Antenna technology and layout are one of the most critical challenges for 5G semiconductor systems. At millimeter-wave frequencies, the long path from the semiconductor packaging to the antenna represents high losses, making it desirable to integrate the antenna into the SiP. Higher frequencies require smaller antennas (measured in millimeters rather than centimeters), making them easier to integrate into SiP from a footprint perspective. However, a single antenna must currently operate with multiple frequency bands, making the antenna and additional circuitry more complex.

To integrate antenna elements with radio frequency components for 5G mobile communications, various packaging solutions with different architectures have been proposed. Due to cost and mature supply chains, flip-chip based on laminated substrates has been the first choice for antenna-in-package (AiP) packaging. Fan-out WLP/PLP packaging, benefiting from high signal performance, low losses, and reduced form factors, is a promising solution for AiP integration, but it requires double-sided redistribution layers (RDL). Apart from a few manufacturers, most OSATs are not yet ready to mass-produce using this technology.
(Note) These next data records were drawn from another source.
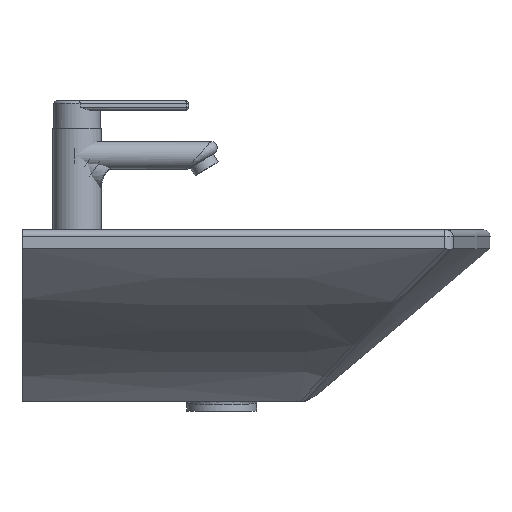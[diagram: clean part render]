
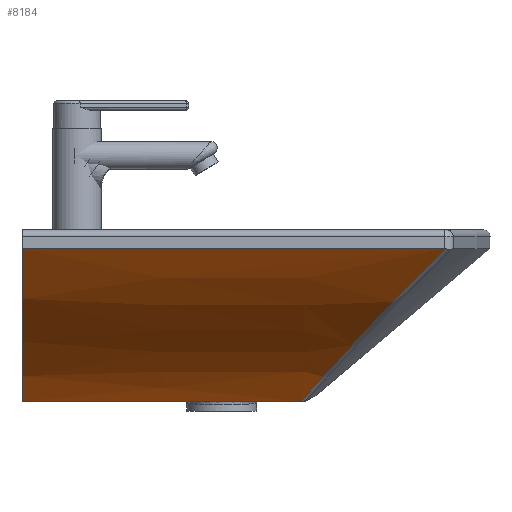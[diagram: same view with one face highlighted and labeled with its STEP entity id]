
A CAD part, left-side view. The second image highlights one B-rep face of the part: STEP entity #8184.
In plain terms, the highlighted free-form (B-spline) face has degree [3, 3] with [10, 4] control points.
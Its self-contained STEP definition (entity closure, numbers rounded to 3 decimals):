
#521=CARTESIAN_POINT('',(-111.343,0.,-164.579));
#522=VERTEX_POINT('',#521);
#532=CARTESIAN_POINT('',(-350.,0.0,0.0));
#533=VERTEX_POINT('',#532);
#534=CARTESIAN_POINT('',(36.624,0.0,305.317));
#535=DIRECTION('',(0.0,1.,0.0));
#536=DIRECTION('',(-0.298,0.0,-0.955));
#537=AXIS2_PLACEMENT_3D('',#534,#535,#536);
#538=CIRCLE('',#537,492.643);
#539=EDGE_CURVE('',#522,#533,#538,.T.);
#6153=CARTESIAN_POINT('',(-109.072,-300.052,-164.371));
#6154=VERTEX_POINT('',#6153);
#6230=CARTESIAN_POINT('',(-109.072,-300.052,-164.371));
#6231=CARTESIAN_POINT('',(-109.831,-200.035,-164.44));
#6232=CARTESIAN_POINT('',(-110.588,-100.017,-164.509));
#6233=CARTESIAN_POINT('',(-111.343,0.,-164.579));
#6234=B_SPLINE_CURVE_WITH_KNOTS('',3,(#6230,#6231,#6232,#6233),.UNSPECIFIED.,.F.,.U.,(4,4),(0.,30.006),.UNSPECIFIED.);
#6235=EDGE_CURVE('',#6154,#522,#6234,.T.);
#6509=CARTESIAN_POINT('',(-350.,-454.504,0.0));
#6510=VERTEX_POINT('',#6509);
#6517=CARTESIAN_POINT('',(-349.902,-455.902,-0.12));
#6518=VERTEX_POINT('',#6517);
#6519=CARTESIAN_POINT('',(-350.,-454.504,0.0));
#6520=CARTESIAN_POINT('',(-350.,-454.755,0.));
#6521=CARTESIAN_POINT('',(-349.991,-455.006,-0.012));
#6522=CARTESIAN_POINT('',(-349.955,-455.474,-0.055));
#6523=CARTESIAN_POINT('',(-349.932,-455.689,-0.083));
#6524=CARTESIAN_POINT('',(-349.902,-455.902,-0.12));
#6525=B_SPLINE_CURVE_WITH_KNOTS('',3,(#6519,#6520,#6521,#6522,#6523,#6524),.UNSPECIFIED.,.F.,.U.,(4,2,4),(-1.23,-1.141,-1.064),.UNSPECIFIED.);
#6526=EDGE_CURVE('',#6510,#6518,#6525,.T.);
#6903=CARTESIAN_POINT('',(-349.902,-455.902,-0.12));
#6904=CARTESIAN_POINT('',(-346.216,-451.367,-4.611));
#6905=CARTESIAN_POINT('',(-338.304,-441.996,-13.937));
#6906=CARTESIAN_POINT('',(-321.173,-423.282,-32.759));
#6907=CARTESIAN_POINT('',(-297.369,-400.408,-56.158));
#6908=CARTESIAN_POINT('',(-272.733,-380.63,-76.848));
#6909=CARTESIAN_POINT('',(-253.999,-367.376,-90.905));
#6910=CARTESIAN_POINT('',(-242.424,-359.699,-99.102));
#6911=CARTESIAN_POINT('',(-222.49,-347.324,-112.402));
#6912=CARTESIAN_POINT('',(-192.838,-331.284,-129.866));
#6913=CARTESIAN_POINT('',(-162.012,-318.011,-144.513));
#6914=CARTESIAN_POINT('',(-140.691,-310.176,-153.181));
#6915=CARTESIAN_POINT('',(-129.889,-306.465,-157.288));
#6916=CARTESIAN_POINT('',(-119.348,-303.089,-161.021));
#6917=CARTESIAN_POINT('',(-112.369,-301.004,-163.322));
#6918=CARTESIAN_POINT('',(-109.072,-300.052,-164.371));
#6919=B_SPLINE_CURVE_WITH_KNOTS('',3,(#6903,#6904,#6905,#6906,#6907,#6908,#6909,#6910,#6911,#6912,#6913,#6914,#6915,#6916,#6917,#6918),.UNSPECIFIED.,.F.,.U.,(4,1,1,1,1,1,1,1,1,1,1,1,1,4),(-33.244,-31.059,-28.676,-23.909,-19.143,-17.554,-15.965,-14.377,-9.61,-4.844,-3.652,-2.461,-1.269,-0.212),.UNSPECIFIED.);
#6920=EDGE_CURVE('',#6518,#6154,#6919,.T.);
#8131=CARTESIAN_POINT('',(-106.915,-455.911,-164.572));
#8132=CARTESIAN_POINT('',(-120.429,-455.911,-160.296));
#8133=CARTESIAN_POINT('',(-147.105,-455.911,-150.627));
#8134=CARTESIAN_POINT('',(-185.788,-455.911,-132.878));
#8135=CARTESIAN_POINT('',(-222.877,-455.911,-112.002));
#8136=CARTESIAN_POINT('',(-258.121,-455.911,-88.141));
#8137=CARTESIAN_POINT('',(-291.279,-455.911,-61.459));
#8138=CARTESIAN_POINT('',(-322.126,-455.911,-32.135));
#8139=CARTESIAN_POINT('',(-341.01,-455.911,-10.959));
#8140=CARTESIAN_POINT('',(-350.,-455.911,0.));
#8141=CARTESIAN_POINT('',(-108.391,-303.941,-164.575));
#8142=CARTESIAN_POINT('',(-121.855,-303.941,-160.321));
#8143=CARTESIAN_POINT('',(-148.43,-303.941,-150.689));
#8144=CARTESIAN_POINT('',(-186.949,-303.941,-132.97));
#8145=CARTESIAN_POINT('',(-223.857,-303.941,-112.104));
#8146=CARTESIAN_POINT('',(-258.899,-303.941,-88.235));
#8147=CARTESIAN_POINT('',(-291.83,-303.941,-61.53));
#8148=CARTESIAN_POINT('',(-322.42,-303.941,-32.173));
#8149=CARTESIAN_POINT('',(-341.112,-303.941,-10.972));
#8150=CARTESIAN_POINT('',(-350.,-303.941,0.));
#8151=CARTESIAN_POINT('',(-109.867,-151.97,-164.577));
#8152=CARTESIAN_POINT('',(-123.282,-151.97,-160.346));
#8153=CARTESIAN_POINT('',(-149.754,-151.97,-150.751));
#8154=CARTESIAN_POINT('',(-188.109,-151.97,-133.063));
#8155=CARTESIAN_POINT('',(-224.837,-151.97,-112.206));
#8156=CARTESIAN_POINT('',(-259.677,-151.97,-88.328));
#8157=CARTESIAN_POINT('',(-292.38,-151.97,-61.6));
#8158=CARTESIAN_POINT('',(-322.714,-151.97,-32.211));
#8159=CARTESIAN_POINT('',(-341.214,-151.97,-10.984));
#8160=CARTESIAN_POINT('',(-350.,-151.97,0.));
#8161=CARTESIAN_POINT('',(-111.343,0.0,-164.579));
#8162=CARTESIAN_POINT('',(-124.708,0.0,-160.371));
#8163=CARTESIAN_POINT('',(-151.079,0.0,-150.812));
#8164=CARTESIAN_POINT('',(-189.27,0.0,-133.156));
#8165=CARTESIAN_POINT('',(-225.817,0.0,-112.308));
#8166=CARTESIAN_POINT('',(-260.455,0.0,-88.422));
#8167=CARTESIAN_POINT('',(-292.931,0.0,-61.671));
#8168=CARTESIAN_POINT('',(-323.009,0.0,-32.249));
#8169=CARTESIAN_POINT('',(-341.316,0.0,-10.997));
#8170=CARTESIAN_POINT('',(-350.,0.0,0.));
#8171=B_SPLINE_SURFACE_WITH_KNOTS('',3,3,((#8131,#8141,#8151,#8161),(#8132,#8142,#8152,#8162),(#8133,#8143,#8153,#8163),(#8134,#8144,#8154,#8164),(#8135,#8145,#8155,#8165),(#8136,#8146,#8156,#8166),(#8137,#8147,#8157,#8167),(#8138,#8148,#8158,#8168),(#8139,#8149,#8159,#8169),(#8140,#8150,#8160,#8170)),.UNSPECIFIED.,.F.,.F.,.U.,(4,1,1,1,1,1,1,4),(4,4),(0.005,0.147,0.289,0.431,0.573,0.716,0.858,1.0),(0.106,1.0),.UNSPECIFIED.);
#8172=ORIENTED_EDGE('',*,*,#6235,.F.);
#8173=ORIENTED_EDGE('',*,*,#6920,.F.);
#8174=ORIENTED_EDGE('',*,*,#6526,.F.);
#8175=CARTESIAN_POINT('',(-350.,-454.504,0.0));
#8176=DIRECTION('',(0.0,1.0,0.0));
#8177=VECTOR('',#8176,454.504);
#8178=LINE('',#8175,#8177);
#8179=EDGE_CURVE('',#6510,#533,#8178,.T.);
#8180=ORIENTED_EDGE('',*,*,#8179,.T.);
#8181=ORIENTED_EDGE('',*,*,#539,.F.);
#8182=EDGE_LOOP('',(#8172,#8173,#8174,#8180,#8181));
#8183=FACE_OUTER_BOUND('',#8182,.T.);
#8184=ADVANCED_FACE('',(#8183),#8171,.T.);

Additionally, the circuits need to be shielded from antenna radiation while ensuring that the antenna is not blocked and can achieve clear reception/transmission. Just like laminated substrates, ceramics and glass have also become new choices for packaging substrate materials. The selection of 5G millimeter-wave packaging substrate materials must be balanced in terms of electrical characteristics, cost, processability, and supply chain readiness. Due to cost and material/component supply chain readiness, organic laminated substrates will be the first to be applied (along with limited ceramic applications), followed by ceramics and glass.